See bottom of post for update.
On Tuesday, TLC posted “Why shouldn’t we vaccinate our children,” which was one of the all-time worst pieces written about vaccines. It had outright falsehoods and oodles of misleading information. It was so bad, in fact, that I briefly wondered if it might be a deliberate effort to point out the lunacy of anti-vaccine activists. (It wasn’t.) That afternoon, I posted a sentence-by-sentence breakdown of one of the piece’s six sections, titled “Vaccines May or May Not Have a Link to Autism.”
The following day, the piece was updated — and several of my criticisms were addressed, although not in a manner that made any significant difference. At that point, all of the reader comments that had been added to the piece were disappeared.
Last night, Ken Reibel of Autism News Beat emailed me last night to report that he had heard from someone in the PR department of Discovery Communications, the company that owns TLC, and that the piece was going to be taken down. Sure enough. as of this morning, the piece’s original URL – http://tlc.howstuffworks.com/family/why-shouldnt-we-vaccinate-our-children.htm — is redirected to TLC’s “How Stuff Works” homepage.
In general, I’m not a big fan of simply vanishing stories, but this was a good move: TLC’s site doesn’t lend itself to corrections or clarifications, and there was no real way to “correct” this story anyway. I do think TLC’s readers deserve to know how, exactly, this happened: Is there any vetting process before pieces about serious public health issues get posted? If this level of misinformation can appear in a topic that has been written about again and again and again, does that mean the quality control on all of TLC’s coverage is this slipshod?
Meanwhile, two days after Chicago Sun-Times editor-in-chief Jim Kirk said that his paper’s endorsement of the annual Generation One/AutismOne quackfest was “incorrect,” that endorsement still appears at the bottom of the paper’s fawning Q&A with Jenny McCarthy.
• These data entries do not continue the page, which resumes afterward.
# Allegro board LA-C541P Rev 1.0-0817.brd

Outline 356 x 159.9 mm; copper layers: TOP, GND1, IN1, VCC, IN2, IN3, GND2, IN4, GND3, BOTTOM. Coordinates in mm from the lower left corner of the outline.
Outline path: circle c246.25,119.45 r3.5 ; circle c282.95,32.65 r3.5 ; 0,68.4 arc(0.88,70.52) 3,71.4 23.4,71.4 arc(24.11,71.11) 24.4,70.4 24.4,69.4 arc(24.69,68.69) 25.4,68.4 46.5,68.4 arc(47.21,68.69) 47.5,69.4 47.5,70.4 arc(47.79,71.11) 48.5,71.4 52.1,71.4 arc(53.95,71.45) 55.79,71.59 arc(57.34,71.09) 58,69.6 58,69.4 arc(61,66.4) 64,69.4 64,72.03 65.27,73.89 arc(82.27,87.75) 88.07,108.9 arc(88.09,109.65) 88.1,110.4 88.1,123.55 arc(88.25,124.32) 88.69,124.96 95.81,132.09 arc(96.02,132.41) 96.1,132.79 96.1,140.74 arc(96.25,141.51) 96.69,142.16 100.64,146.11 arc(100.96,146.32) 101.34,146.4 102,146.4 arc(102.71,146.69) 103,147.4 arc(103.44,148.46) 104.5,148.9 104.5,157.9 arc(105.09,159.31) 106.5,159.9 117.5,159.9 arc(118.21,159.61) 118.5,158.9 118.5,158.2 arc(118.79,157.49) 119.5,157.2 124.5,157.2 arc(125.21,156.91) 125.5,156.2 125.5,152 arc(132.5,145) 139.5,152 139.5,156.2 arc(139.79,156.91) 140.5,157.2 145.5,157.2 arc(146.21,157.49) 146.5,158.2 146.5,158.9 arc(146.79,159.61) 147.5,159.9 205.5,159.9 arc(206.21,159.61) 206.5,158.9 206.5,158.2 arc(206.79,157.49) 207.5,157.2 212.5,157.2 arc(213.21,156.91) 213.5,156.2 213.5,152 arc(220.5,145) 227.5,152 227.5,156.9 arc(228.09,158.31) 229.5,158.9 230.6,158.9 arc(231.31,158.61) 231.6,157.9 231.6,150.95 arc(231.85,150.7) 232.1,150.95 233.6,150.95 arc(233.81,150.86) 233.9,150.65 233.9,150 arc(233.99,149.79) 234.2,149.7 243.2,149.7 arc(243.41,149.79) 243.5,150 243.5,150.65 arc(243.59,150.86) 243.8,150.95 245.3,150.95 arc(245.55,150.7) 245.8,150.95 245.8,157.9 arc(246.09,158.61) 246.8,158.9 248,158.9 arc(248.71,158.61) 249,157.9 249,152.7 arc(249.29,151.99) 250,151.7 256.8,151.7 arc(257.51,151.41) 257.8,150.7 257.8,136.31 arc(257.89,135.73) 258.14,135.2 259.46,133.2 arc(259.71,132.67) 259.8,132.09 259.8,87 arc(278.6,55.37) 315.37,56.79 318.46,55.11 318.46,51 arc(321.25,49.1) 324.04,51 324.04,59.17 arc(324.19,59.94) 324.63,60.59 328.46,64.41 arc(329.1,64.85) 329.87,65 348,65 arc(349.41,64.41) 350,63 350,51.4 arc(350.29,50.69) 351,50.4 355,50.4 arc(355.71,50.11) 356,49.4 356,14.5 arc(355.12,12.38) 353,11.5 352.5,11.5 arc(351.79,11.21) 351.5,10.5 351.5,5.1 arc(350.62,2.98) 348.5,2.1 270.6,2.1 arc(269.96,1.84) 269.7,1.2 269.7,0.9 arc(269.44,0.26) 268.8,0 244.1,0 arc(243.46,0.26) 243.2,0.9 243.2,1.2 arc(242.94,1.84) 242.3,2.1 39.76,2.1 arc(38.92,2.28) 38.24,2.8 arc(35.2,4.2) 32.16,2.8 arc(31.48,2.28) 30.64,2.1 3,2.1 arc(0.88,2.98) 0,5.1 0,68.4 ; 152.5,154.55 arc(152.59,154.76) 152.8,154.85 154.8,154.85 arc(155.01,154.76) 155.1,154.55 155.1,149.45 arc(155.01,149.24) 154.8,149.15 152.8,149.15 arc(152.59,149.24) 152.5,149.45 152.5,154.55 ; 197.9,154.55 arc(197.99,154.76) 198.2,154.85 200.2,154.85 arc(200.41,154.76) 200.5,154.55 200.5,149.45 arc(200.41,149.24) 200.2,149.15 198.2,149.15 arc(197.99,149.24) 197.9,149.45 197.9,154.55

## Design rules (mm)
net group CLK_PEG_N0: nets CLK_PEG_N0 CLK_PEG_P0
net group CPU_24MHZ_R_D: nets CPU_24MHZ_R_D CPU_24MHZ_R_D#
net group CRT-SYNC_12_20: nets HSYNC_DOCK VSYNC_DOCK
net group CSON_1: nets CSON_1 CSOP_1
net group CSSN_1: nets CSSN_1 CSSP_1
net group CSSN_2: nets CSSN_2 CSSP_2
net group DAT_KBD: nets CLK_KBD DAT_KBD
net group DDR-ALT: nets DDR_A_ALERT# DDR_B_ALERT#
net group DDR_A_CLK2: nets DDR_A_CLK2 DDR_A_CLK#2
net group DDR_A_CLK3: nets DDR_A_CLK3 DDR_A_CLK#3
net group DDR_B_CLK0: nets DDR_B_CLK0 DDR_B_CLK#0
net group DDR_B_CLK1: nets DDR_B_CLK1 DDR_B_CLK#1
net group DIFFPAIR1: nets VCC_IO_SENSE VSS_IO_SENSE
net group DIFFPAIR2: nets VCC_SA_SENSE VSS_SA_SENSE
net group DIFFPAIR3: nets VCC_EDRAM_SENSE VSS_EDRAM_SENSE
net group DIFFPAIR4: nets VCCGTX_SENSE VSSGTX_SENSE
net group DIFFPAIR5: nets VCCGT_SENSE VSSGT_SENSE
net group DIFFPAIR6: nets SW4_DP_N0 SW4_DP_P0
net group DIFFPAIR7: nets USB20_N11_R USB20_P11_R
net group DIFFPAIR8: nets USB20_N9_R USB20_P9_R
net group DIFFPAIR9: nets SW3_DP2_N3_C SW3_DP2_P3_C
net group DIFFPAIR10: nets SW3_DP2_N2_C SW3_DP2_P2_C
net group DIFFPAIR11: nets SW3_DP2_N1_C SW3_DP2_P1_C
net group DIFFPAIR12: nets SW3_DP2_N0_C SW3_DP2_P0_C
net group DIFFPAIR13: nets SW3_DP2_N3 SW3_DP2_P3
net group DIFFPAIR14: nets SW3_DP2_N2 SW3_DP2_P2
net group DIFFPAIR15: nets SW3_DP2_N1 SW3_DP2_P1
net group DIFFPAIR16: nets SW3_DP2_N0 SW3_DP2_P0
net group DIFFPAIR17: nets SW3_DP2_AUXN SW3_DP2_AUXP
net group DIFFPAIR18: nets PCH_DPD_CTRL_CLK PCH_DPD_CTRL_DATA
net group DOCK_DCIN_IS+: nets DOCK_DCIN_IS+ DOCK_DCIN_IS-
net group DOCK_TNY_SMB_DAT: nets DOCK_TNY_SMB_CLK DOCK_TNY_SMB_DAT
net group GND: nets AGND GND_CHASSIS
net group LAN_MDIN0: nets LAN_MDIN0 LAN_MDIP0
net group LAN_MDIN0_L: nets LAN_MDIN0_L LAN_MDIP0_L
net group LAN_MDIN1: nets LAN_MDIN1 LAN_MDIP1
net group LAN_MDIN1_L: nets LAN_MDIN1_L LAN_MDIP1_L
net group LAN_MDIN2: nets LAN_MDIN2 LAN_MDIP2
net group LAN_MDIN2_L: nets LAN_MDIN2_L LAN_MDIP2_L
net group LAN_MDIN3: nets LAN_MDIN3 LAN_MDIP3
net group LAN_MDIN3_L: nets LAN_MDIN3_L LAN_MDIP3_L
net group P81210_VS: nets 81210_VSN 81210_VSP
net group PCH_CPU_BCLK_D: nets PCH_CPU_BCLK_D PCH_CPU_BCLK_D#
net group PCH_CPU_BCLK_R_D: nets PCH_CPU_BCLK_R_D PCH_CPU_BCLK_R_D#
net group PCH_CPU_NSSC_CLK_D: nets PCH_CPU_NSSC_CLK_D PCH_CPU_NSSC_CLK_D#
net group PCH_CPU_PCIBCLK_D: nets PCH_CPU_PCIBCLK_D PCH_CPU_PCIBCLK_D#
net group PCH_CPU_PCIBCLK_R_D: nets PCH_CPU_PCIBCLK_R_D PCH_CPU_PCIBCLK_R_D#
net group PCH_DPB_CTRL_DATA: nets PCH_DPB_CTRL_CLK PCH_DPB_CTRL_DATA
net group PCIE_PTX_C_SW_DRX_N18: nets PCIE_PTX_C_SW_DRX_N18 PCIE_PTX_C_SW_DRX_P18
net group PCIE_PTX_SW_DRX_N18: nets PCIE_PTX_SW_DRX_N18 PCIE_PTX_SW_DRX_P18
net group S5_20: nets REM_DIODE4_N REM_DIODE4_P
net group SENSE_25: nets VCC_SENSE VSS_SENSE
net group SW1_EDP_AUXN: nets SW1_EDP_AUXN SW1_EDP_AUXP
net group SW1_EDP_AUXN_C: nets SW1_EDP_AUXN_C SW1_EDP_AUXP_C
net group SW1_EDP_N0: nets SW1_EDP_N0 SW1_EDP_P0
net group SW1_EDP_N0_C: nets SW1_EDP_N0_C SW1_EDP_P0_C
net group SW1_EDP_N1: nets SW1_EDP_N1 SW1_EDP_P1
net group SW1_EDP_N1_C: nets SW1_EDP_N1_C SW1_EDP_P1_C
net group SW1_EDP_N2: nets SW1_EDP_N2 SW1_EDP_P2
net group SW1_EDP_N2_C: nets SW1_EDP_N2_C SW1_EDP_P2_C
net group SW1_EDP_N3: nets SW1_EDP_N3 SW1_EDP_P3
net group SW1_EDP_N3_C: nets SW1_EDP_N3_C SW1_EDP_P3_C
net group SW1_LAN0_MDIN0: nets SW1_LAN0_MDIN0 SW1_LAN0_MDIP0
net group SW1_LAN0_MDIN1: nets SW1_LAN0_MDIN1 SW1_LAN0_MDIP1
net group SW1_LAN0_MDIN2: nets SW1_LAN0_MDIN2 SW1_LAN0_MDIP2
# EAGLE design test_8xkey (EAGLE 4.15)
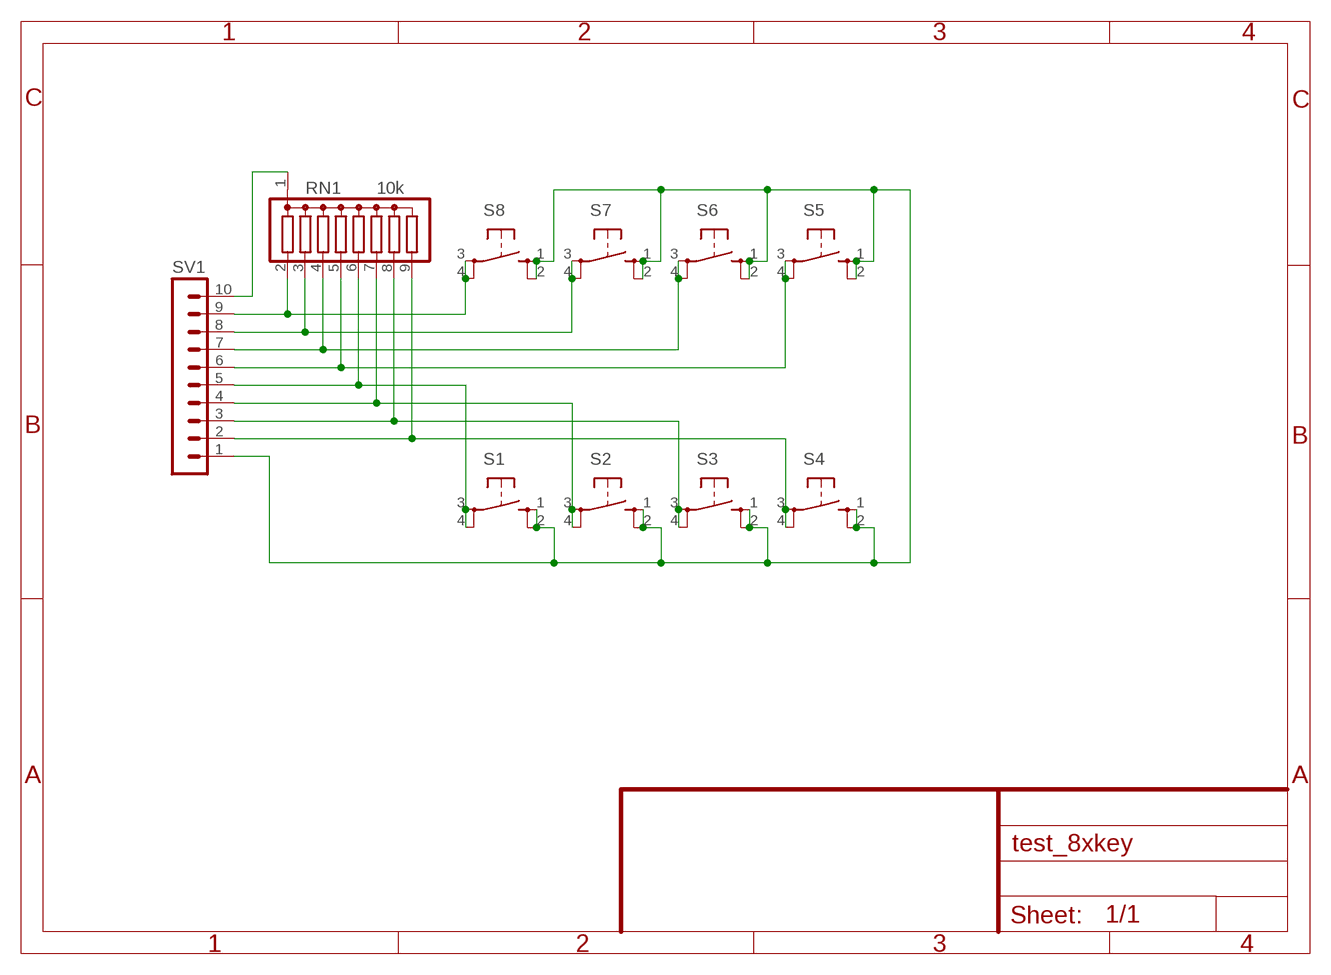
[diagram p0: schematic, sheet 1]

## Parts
RN1  10k  G08R  [SIL9]
S1  10XX-RASTER  [B3F-10XX_RASTER]
S2  10XX-RASTER  [B3F-10XX_RASTER]
S3  10XX-RASTER  [B3F-10XX_RASTER]
S4  10XX-RASTER  [B3F-10XX_RASTER]
S5  10XX-RASTER  [B3F-10XX_RASTER]
S6  10XX-RASTER  [B3F-10XX_RASTER]
S7  10XX-RASTER  [B3F-10XX_RASTER]
S8  10XX-RASTER  [B3F-10XX_RASTER]
SV1  MA10-1W  [MA10-1W]

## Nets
N$1: RN1.2 S8.3 S8.4 SV1.9
N$2: RN1.3 S7.3 S7.4 SV1.8
N$3: RN1.4 S6.3 S6.4 SV1.7
N$4: RN1.5 S5.3 S5.4 SV1.6
N$5: RN1.6 S1.3 S1.4 SV1.5
N$6: RN1.7 S2.3 S2.4 SV1.4
N$7: RN1.8 S3.3 S3.4 SV1.3
N$8: RN1.9 S4.3 S4.4 SV1.2
N$9: RN1.1 SV1.10
VSS: S1.1 S1.2 S2.1 S2.2 S3.1 S3.2 S4.1 S4.2 S5.1 S5.2 S6.1 S6.2 S7.1 S7.2 S8.1 S8.2 SV1.1

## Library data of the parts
RN1 = resistor-sil:G08R: SIL RESISTOR
S1-S8 = KEY_B:10XX-RASTER
SV1 = con-lstb:MA10-1W: PIN HEADER

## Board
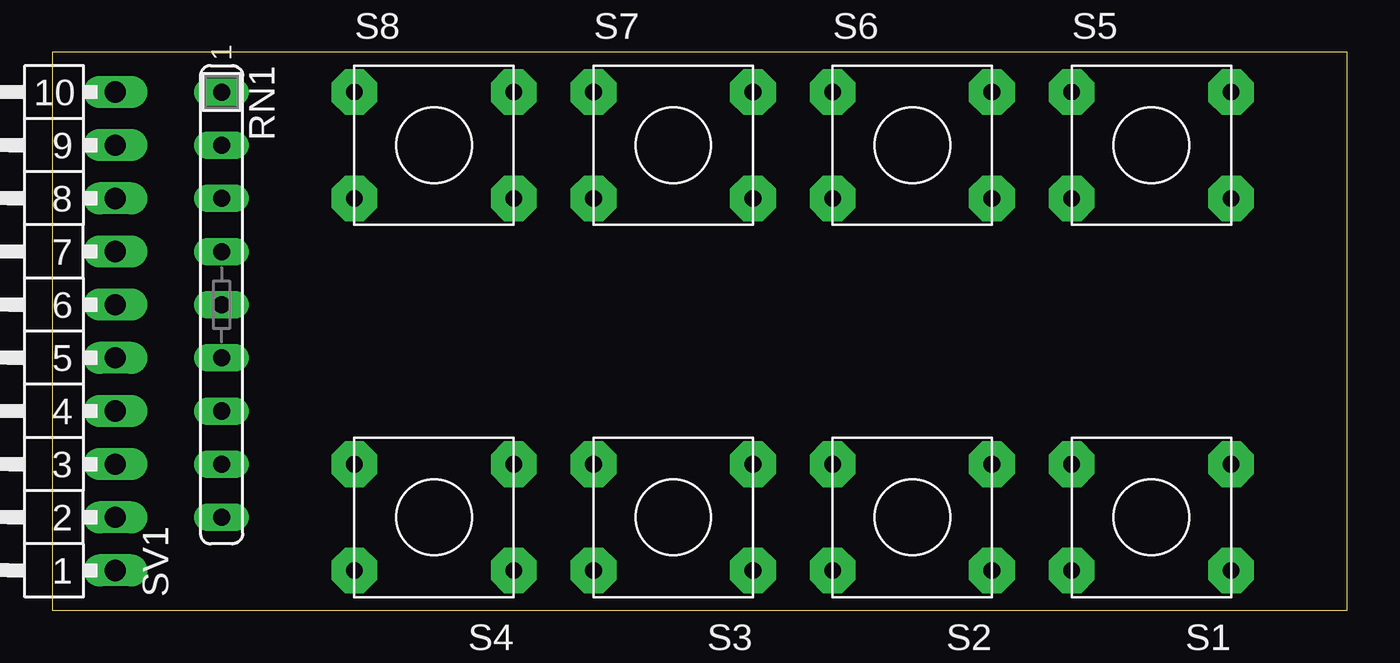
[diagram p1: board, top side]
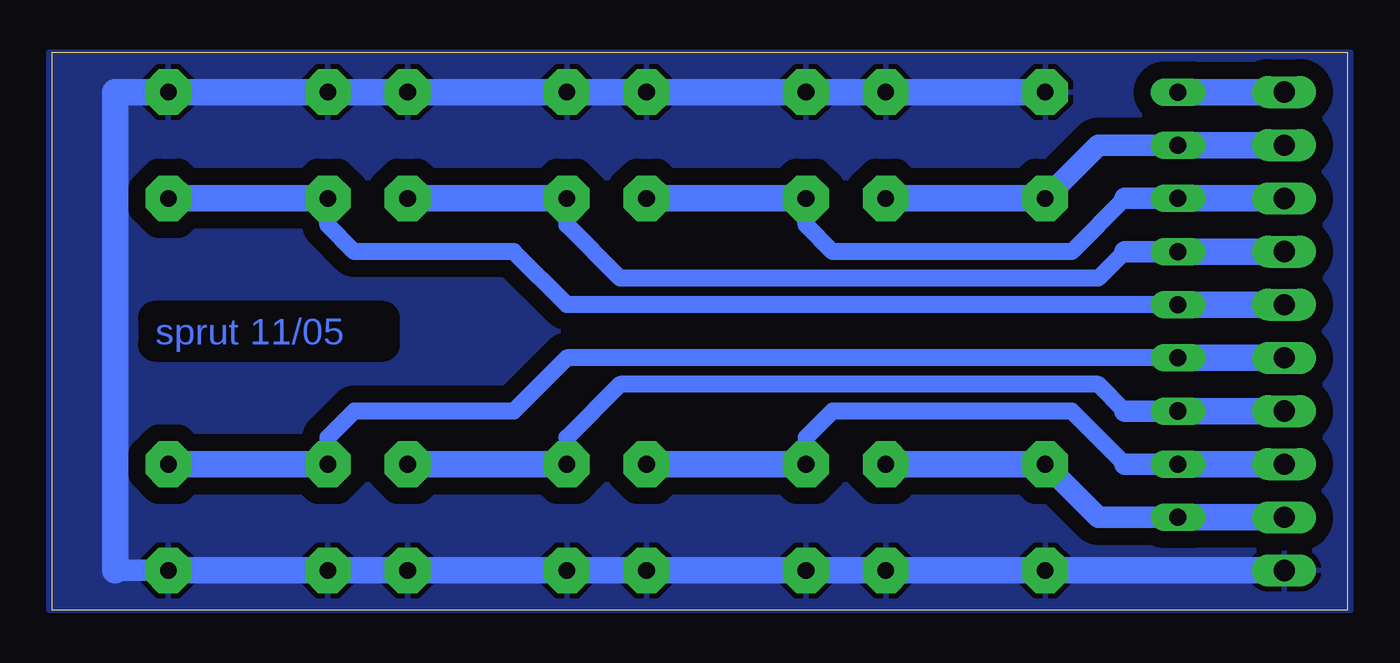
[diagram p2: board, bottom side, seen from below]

Size 61.9 x 26.66 mm. Coordinates in mm from the lower left corner, seen from the top.
Outline: 0,0 61.9,0 61.9,26.66 0,26.66 0,0
Copper layers (1*16): Top 0.035mm / dielectric 1.5mm / Bottom 0.035mm
Design rules "default": minimum track width 10mil, minimum drill 10mil, track to track 8mil, track to pad 8mil, pad to pad 8mil, via to via 8mil, smd to smd 8mil, copper to edge 0mil, drill to drill 8mil, minimum pad ring 10mil, minimum via ring 8mil, stop-mask expansion 4mil, vias tented up to drill 0mil, thermal gap 10mil

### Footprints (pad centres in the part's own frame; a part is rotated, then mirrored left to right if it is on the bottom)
SIL9 = drill 0.813 long: 1 -10.16,0; 2 -7.62,0; 3 -5.08,0; 4 -2.54,0; 5 0,0; 6 2.54,0; 7 5.08,0; 8 7.62,0; 9 10.16,0
B3F-10XX_RASTER = drill 0.8 pad 2.184 octagon: 1 -3.81,2.54; 2 3.81,2.54; 3 -3.81,-2.54; 4 3.81,-2.54
MA10-1W = drill 1.016 long: 1 -11.43,0; 2 -8.89,0; 3 -6.35,0; 4 -3.81,0; 5 -1.27,0; 6 1.27,0; 7 3.81,0; 8 6.35,0; 9 8.89,0; 10 11.43,0

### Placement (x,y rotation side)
RN1  8.09,14.6 270 top
S1  52.54,4.44 180 top
S2  41.11,4.44 180 top
S3  29.68,4.44 180 top
S4  18.25,4.44 180 top
S5  52.54,22.22 0 top
S6  41.11,22.22 0 top
S7  29.68,22.22 0 top
S8  18.25,22.22 0 top
SV1  3.01,13.33 90 top

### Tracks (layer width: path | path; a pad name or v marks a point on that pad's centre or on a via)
N$1
  Bottom 1.016: RN1.2 11.9,22.22 S8.3
  Bottom 1.27: SV1.9 RN1.2 | S8.3 S8.4
N$2
  Bottom 0.813: 10.63,19.68 13.17,17.14 24.6,17.14 25.87,18.41 S7.3
  Bottom 1.016: RN1.3 10.63,19.68
  Bottom 1.27: SV1.8 RN1.3 | S7.3 S7.4
N$3
  Bottom 0.813: 10.63,17.14 11.9,15.87 34.76,15.87 37.3,18.41 S6.3
  Bottom 1.016: RN1.4 10.63,17.14
  Bottom 1.27: SV1.7 RN1.4 | S6.3 S6.4
N$4
  Bottom 0.813: RN1.5 37.3,14.6 39.84,17.14 47.46,17.14 48.73,18.41 S5.3
  Bottom 1.27: SV1.6 RN1.5 | S5.3 S5.4
N$5
  Bottom 0.813: RN1.6 37.3,12.06 39.84,9.52 47.46,9.52 48.73,8.25 S1.4
  Bottom 1.27: SV1.5 RN1.6 | S1.4 S1.3
N$6
  Bottom 0.813: 10.63,9.52 11.9,10.79 34.76,10.79 37.3,8.25 S2.4
  Bottom 1.016: RN1.7 10.63,9.52
  Bottom 1.27: SV1.4 RN1.7 | S2.4 S2.3
N$7
  Bottom 0.813: 10.63,6.98 13.17,9.52 24.6,9.52 25.87,8.25 S3.4
  Bottom 1.016: RN1.8 10.63,6.98
  Bottom 1.27: SV1.3 RN1.8 | S3.4 S3.3
N$8
  Bottom 1.016: RN1.9 11.9,4.44 S4.4
  Bottom 1.27: SV1.2 RN1.9 | S4.4 S4.3
N$9
  Bottom 1.27: SV1.10 RN1.1
VSS
  Bottom 0.406: S5.1 S5.2
  Bottom 1.016: S1.1 58.89,1.9
  Bottom 1.27: SV1.1 S4.2 S4.1 S3.2 S3.1 S2.2 S2.1 S1.2 S1.1 | S8.1 S8.2 S7.1 S7.2 S6.1 S6.2 S5.1 58.89,24.76 58.89,1.9
  pour Bottom (isolate 0.813): -0.17,0 -0.17,26.67 62.06,26.67 62.06,0

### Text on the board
Bottom: sprut 11/05

I reached out to Kirk yesterday, and again this morning, and haven’t heard anything back.
UPDATE: “The Sun-Times proudly supports Generation Rescue and Autism One” has finally be changed; the tag line on the bottom of the piece now reads, “TheSun-Times is a media sponsor of the event.”









Sorry to correct the corrector but that article appears to have been up at least as far back as July 27th, 2010.
TLC seems more concerned about the blow back from science bloggers than about misleading readers with junk science.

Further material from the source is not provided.